Clustering Guide

natacado edited this page Sep 12, 2010 · 3 revisions

Dynomite was written from the ground up to be used as a distributed system. It’s easy to get started and add nodes to a running cluster.

Let’s say you started up a node on a single machine called host A.

[user@hosta]$ ./bin/dynomite start -c config.json -l /var/log/dynomite -d

Since N is set to 3, you should add at least 2 other nodes to the network in order to achieve your replication requirements. On host B you should start with a slightly different command line.

[user@hostb]$ ./bin/dynomite start -c config.json -j dynomite@hosta -l /var/log/dynomite -d

This tells the dynomite instance on host B that it should try to contact host A and take over some of its partitions. After this operation is done, half of the partitions will be mastered by host B. After host B comes up you can add host C to the mix.

[user@hostc]$ ./bin/dynomite start -c config.json -j dynomite@hosta -l /var/log/dynomite -d

Congratulations, you now have a 3 node dynomite network. Clients can connect to any of these nodes on either the thrift port (9200) or the ascii port (11222). In ideal conditions each node in the network will present a consistent view of the entire data store. In the case of network partitions and other errors consistency and eventually durability will degrade with the level of failure.

Joining nodes to an already running cluster

To join a node to an already running network one need only start a new node on a host and join it to one of the nodes already running in a network. To extend the example above, one would issue the following command on host D.
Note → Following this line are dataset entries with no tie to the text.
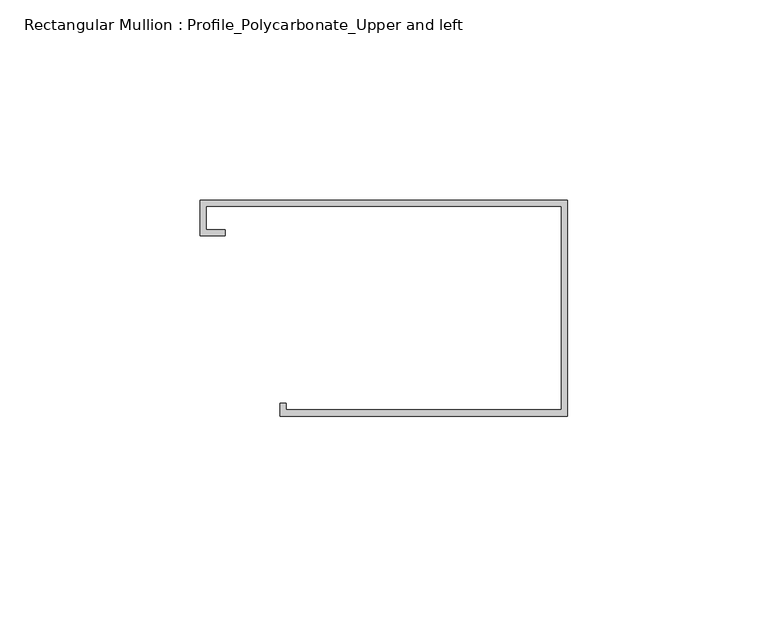
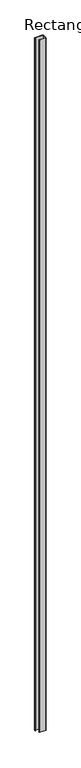
"""IFC4 building model written with IfcOpenShell, lengths in millimetres: member geometry, Rectangular Mullion : Profile_Polycarbonate_Upper and left."""

from ifc_helpers import new_model, si_unit, frame, origin, place, context, project, spatial, polyline, outline, extrude, source, transform, mapped, element, save


def rectangular_mullion_profile_polycarbonate_upper_and_left_a906cc12(model_context):
    return source(origin(), model_context, "Body", "SweptSolid", [
        extrude(outline(polyline([(0.0, 28.984575), (0.0, -25.015825), (-71.9836, -25.015825), (-71.9836, -21.840825), (-70.3961, -21.840825), (-70.3961, -23.428325), (-1.5875, -23.428325), (-1.5875, 27.397075), (-90.4113, 27.397075), (-90.4113, 21.580475), (-85.6488, 21.580475), (-85.6488, 19.992975), (-91.9988, 19.992975), (-91.9988, 28.984575), (0.0, 28.984575)])), frame((0.0, 0.0, -7918.6024), z_axis=(0.0, 0.0, 1.0), x_axis=(1.0, 0.0, 0.0)), (0.0, 0.0, 1.0), 7918.6024),
    ])


if __name__ == "__main__":
    model = new_model("IFC4")
    model_context = context("Model", 3, world=origin())
    ifc_project = project(units=[si_unit("LENGTHUNIT", "METRE", prefix="MILLI")], contexts=[model_context])
    site = spatial("IfcSite", under=ifc_project)
    building = spatial("IfcBuilding", under=site)
    placement = place(None, origin())
    rectangular_mullion_profile_polycarbonate_upper_and_left_shape = rectangular_mullion_profile_polycarbonate_upper_and_left_a906cc12(model_context)
    element("IfcMember", 1, ObjectType="Rectangular Mullion : Profile_Polycarbonate_Upper and left", at=placement, inside=building, context=model_context, shape_type="MappedRepresentation", body=[
        mapped(rectangular_mullion_profile_polycarbonate_upper_and_left_shape, transform((0.0, 0.0, 0.0), x_axis=(1.0, 0.0, 0.0), y_axis=(0.0, 1.0, 0.0), z_axis=(0.0, 0.0, 1.0))),
    ])
    save(model, "model.ifc")

# Revit data of these elements
# Type "Rectangular Mullion : Profile_Polycarbonate_Upper and left"
#   built-in parameter 1007322 = 0.177167 (stored number, unit not read)
#   built-in parameter 1007321 = 0.00520833 (stored number, unit not read)
#   built-in parameter 1007320 = 0 (stored number, unit not read)
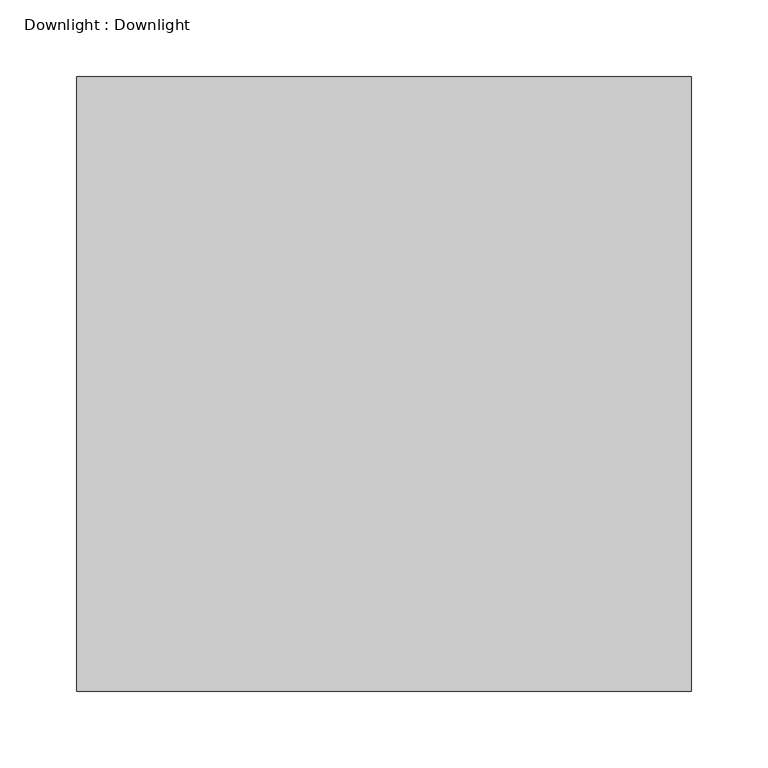
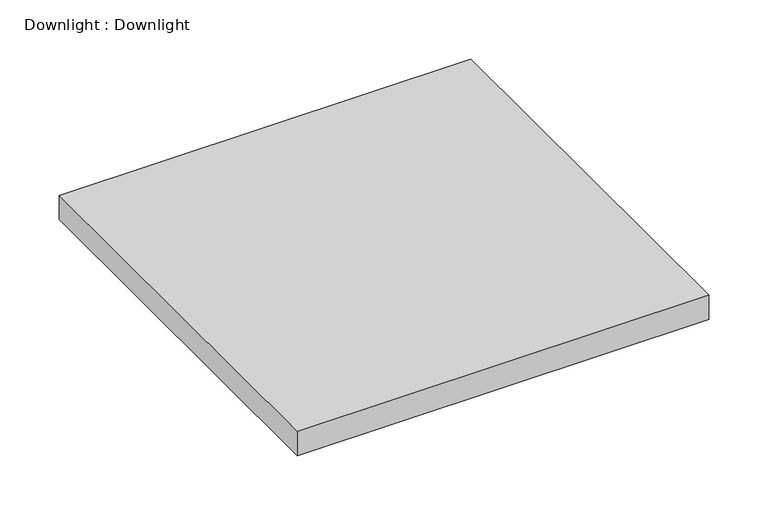
"""IFC4 building model written with IfcOpenShell, lengths in millimetres: light fixture geometry, Downlight : Downlight."""

from ifc_helpers import new_model, si_unit, frame, origin, place, context, project, spatial, polyline, outline, extrude, source, transform, mapped, element, save


def downlight_downlight_20077eaa(model_context):
    return source(origin(), model_context, "Body", "SweptSolid", [
        extrude(outline(polyline([(200.0, -200.0), (-200.0, -200.0), (-200.0, 200.0), (200.0, 200.0), (200.0, -200.0)])), frame((0.0, 0.0, -4.6872227), z_axis=(0.0, 0.0, 1.0), x_axis=(1.0, 0.0, 0.0)), (0.0, 0.0, 1.0), 24.9370919),
    ])


if __name__ == "__main__":
    model = new_model("IFC4")
    model_context = context("Model", 3, world=origin())
    ifc_project = project(units=[si_unit("LENGTHUNIT", "METRE", prefix="MILLI")], contexts=[model_context])
    site = spatial("IfcSite", under=ifc_project)
    building = spatial("IfcBuilding", under=site)
    placement = place(None, origin())
    downlight_downlight_shape = downlight_downlight_20077eaa(model_context)
    element("IfcLightFixture", 1, ObjectType="Downlight : Downlight", at=placement, inside=building, context=model_context, shape_type="MappedRepresentation", body=[
        mapped(downlight_downlight_shape, transform((0.0, 0.0, 0.0), x_axis=(1.0, 0.0, 0.0), y_axis=(0.0, 1.0, 0.0), z_axis=(0.0, 0.0, 1.0))),
    ])
    save(model, "model.ifc")

# Revit data of these elements
# Type "Downlight : Downlight"
#   Default Elevation = 0

[user@hostd]$ ./bin/dynomite start -c config.json -j dynomite@hosta -l /var/log/dynomite -d

The difference is that if the dynomite network has been running for some time, there may be a significant amount of data to transfer over to host D. This is currently accomplished via the synchronization mechanism, which isn’t the most efficient for bulk transfer of data. So the one caveat with adding nodes to a running network is that it will cause load spike on some of the nodes in the network as the newer empty node is brought up to speed.

Currently there are no provisions made for quickly growing a dynomite network. For instance, if one wanted to double the number of nodes in a network, it may dilute the partition map enough to cause data loss. This will be addressed in the near future with a more controlled bootstrapping procedure for new nodes.